# does the verb stánai [στάναι] exist?



## ricardo_arjona

Hi, everyone!

I was looking for the etymology of *apostasy* and all sources seem to agree that it comes from Greek *apo-* (_away, off, apart_) and *stánai*, meaning _to stand._ The thing is that Google translates _stand_ as _ίσταμαι_. So my question is, does _στάναι_ exist in Greek? If so, what does it mean?

Thanks!


----------



## Sinesio

Χαίρε!
Ίσταμαι is the present indicative, middle-passive form of the ancient Greek verb ίστημι. Ίστημι is the active form and means "I am putting", ίσταμαι is the middle-passive and means "I am standing"/ "I am being put". The present active infinitive of ίστημι is ιστάναι, that means "to stand"/"to put", the middle-passive infinitive is ίστασθαι. I think that στάναι could be a mistake for ιστάναι.
The word στάναι is an existing ancient Greek word. It is the aorist active infinitive form of ίστημι. The normal active aorist infinitive form is στήναι and means "the act of standing", but in some dialects of ancient Greek also στάναι is found with the same meaning. However, it seems more probable that in this case στάναι is only a mistake. In quotings from ancient Greek the present infinitive, and not the aorist, is usually quoted and the form στάναι is not a standard form (it is found only in a few inscriptions from peripheral regions and Plato and Aristotle would never have used it), so, in this case, στάναι is probably a mistake.
P. S. I apologise for making mistakes, but I'm not an English native speaker.


----------



## ricardo_arjona

Great explanation! Thanks so much for your time!


----------



## Sinesio

You're welcome!


----------



## fdb

It is wrong to say that apostasis derives from an infinitive. It derives from the noun stasis “standing”, which is from the root sta-, which also underlies the verb histēmi.


----------



## sotos

When i shaw the title of the tread, I thought it's about the new Gr.  στάνη (sheeps shed or pen).
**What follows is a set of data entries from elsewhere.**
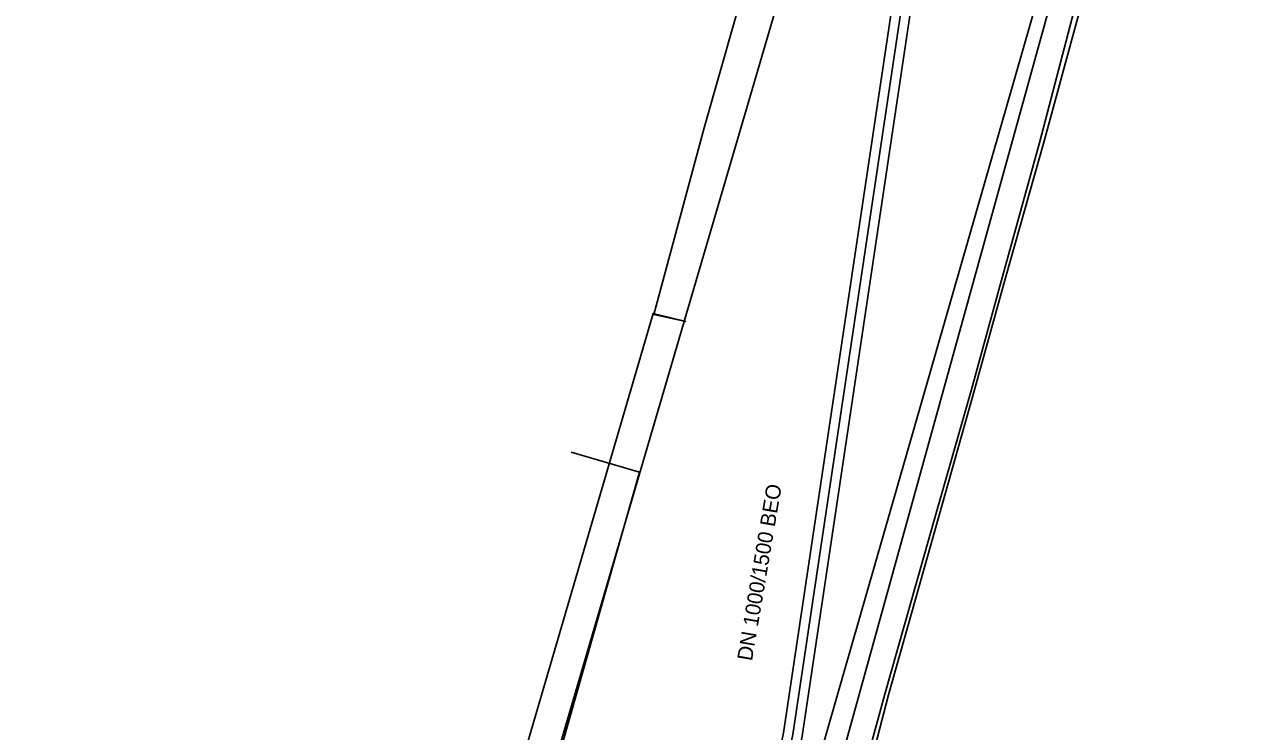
# Model space of a CAD drawing. Extents: x -600309 to -598967, y -1161267 to -1160292.
# Drawn here: x -599076.1 to -599010.8, y -1161109.2 to -1161071.8 of the extents above; entities that cross this region are included whole.
import ezdxf

# ---------------------------------------------------------------- set-up
doc = ezdxf.new("R2010")
doc.units = 0
for name, color, linetype in [('Vrstva 10', 7, 'Continuous'), ('Vrstva 12', 7, 'Continuous'), ('Vrstva 13', 7, 'Continuous'), ('Vrstva 16', 7, 'Continuous'), ('Vrstva 44', 7, 'Continuous'), ('Vrstva 55', 7, 'Continuous'), ('Vrstva 9', 7, 'Continuous')]:
    doc.layers.add(name, color=color, linetype=linetype)

msp = doc.modelspace()

# ---------------------------------------------------------------- linework, layer by layer
at = {"layer": 'Vrstva 10'}
for points in [[(-599038.27, -1161116.958), (-599036.886, -1161113.177), (-599036.39, -1161111.342), (-599035.966, -1161109.291), (-599029.238, -1161064.335)], [(-599028.249, -1161064.483), (-599034.981, -1161109.466), (-599035.417, -1161111.574), (-599035.932, -1161113.48), (-599037.33, -1161117.302)]]:
    msp.add_lwpolyline(points, dxfattribs=at)
at = {"layer": 'Vrstva 12'}
for points in [[(-599033.72, -1161061.41), (-599035.83, -1161069.1), (-599048.09, -1161110.94), (-599050.23, -1161118.09), (-599051.8, -1161121.22)], [(-599070.3, -1161155.45), (-599072.45, -1161151.38), (-599068.66, -1161148.7), (-599065.21, -1161147.1), (-599049.37, -1161115.87), (-599043.59, -1161095.5), (-599047.2, -1161094.44)]]:
    msp.add_lwpolyline(points, dxfattribs=at)
at = {"layer": 'Vrstva 13'}
msp.add_lwpolyline([(-599091.258, -1161174.108), (-599085.288, -1161172.173), (-599055.482, -1161156.208), (-599051.62, -1161150.582), (-599041.338, -1161129.035), (-599039.373, -1161124.917), (-599038.336, -1161122.744), (-599033.329, -1161112.25), (-599021.875, -1161070.87), (-599017.61, -1161055.464), (-599018.718, -1161052.521), (-599018.633, -1161052.104)], dxfattribs=at)
at = {"layer": 'Vrstva 16'}
msp.add_lwpolyline([(-599077.39, -1161169.24), (-599071.31, -1161165.62), (-599056.37, -1161155.97), (-599054.79, -1161154.77), (-599054.54, -1161154.38), (-599051.01, -1161147.09), (-599050.46, -1161145.81), (-599049.89, -1161144.61), (-599043.37, -1161131.63), (-599041.62, -1161128), (-599035.25, -1161114.76), (-599020.81, -1161064.49), (-599019.89, -1161061.02), (-599019.87, -1161060.958), (-599019.47, -1161059.72)], dxfattribs=at)
at = {"layer": 'Vrstva 44'}
for points in [[(-599031.96, -1161113.26), (-599030.4, -1161107.29), (-599027.74, -1161097.85), (-599025.85, -1161091.15), (-599024.2, -1161085.21), (-599022.2, -1161078.1), (-599020.38, -1161071.44), (-599019.891, -1161069.854), (-599019.48, -1161068.4), (-599019, -1161066.81), (-599018.43, -1161065.44), (-599018.3, -1161065.17), (-599017.79, -1161064.42), (-599017.71, -1161064.26), (-599016.03, -1161058.07), (-599016.02, -1161057.82), (-599016.03, -1161056.31), (-599015.95, -1161056.05), (-599015.6, -1161054.96), (-599015.427, -1161054.6), (-599014.846, -1161054.16), (-599011.97, -1161052.57), (-599009.122, -1161051.307)], [(-599032.2, -1161113.12), (-599030.6, -1161107.26), (-599027.92, -1161097.8), (-599026.01, -1161091.12), (-599024.37, -1161085.15), (-599022.4, -1161078.07), (-599020.59, -1161071.12)]]:
    msp.add_lwpolyline(points, dxfattribs=at)
at = {"layer": 'Vrstva 55'}
msp.add_lwpolyline([(-599078.7, -1161148.45), (-599072.64, -1161147.58), (-599065.26, -1161146.54), (-599065.56, -1161144.83), (-599051.28, -1161115.77), (-599049.63, -1161116.24), (-599051.27, -1161115.81), (-599042.87, -1161087.1), (-599041.14, -1161087.53), (-599042.83, -1161087.15), (-599040.17, -1161077.28), (-599036.84, -1161065.61), (-599036.45, -1161065.11), (-599036.22, -1161064.38), (-599036.76, -1161064.15), (-599037.05, -1161063.75)], dxfattribs=at)
at = {"layer": 'Vrstva 9'}
msp.add_lwpolyline([(-599028.744, -1161064.409), (-599035.473, -1161109.379), (-599035.903, -1161111.458), (-599036.409, -1161113.329), (-599037.8, -1161117.13)], dxfattribs=at)

# ---------------------------------------------------------------- texts
at = {"layer": 'Vrstva 12'}
msp.add_text('DN 1000/1500 BEO', height=0.8, rotation=80.35301, dxfattribs=at).set_placement((-599037.635, -1161105.527))

doc.saveas('drawing.dxf')

Plural "katherevousa" (if it exists) should be στάναι. Probably relevant as "sheeps station".


----------



## Sinesio

Yes, you're right. Aπόστασις comes from ἀπό and the verbal noun στάσις. My point was that in this case στάναι is probably a mistake for ἱστάναι.


----------



## Perseas

fdb said:


> It is wrong to say that apostasis derives from an infinitive.


I agree. In addition, in Greek  we call a verb by its 1st person singular present indicative form, e.g. we say the verb "λύω" or "δύναμαι".
On the other hand, (I think) in English & German we refer to its infinitive: the verb "to go", "nennen".


----------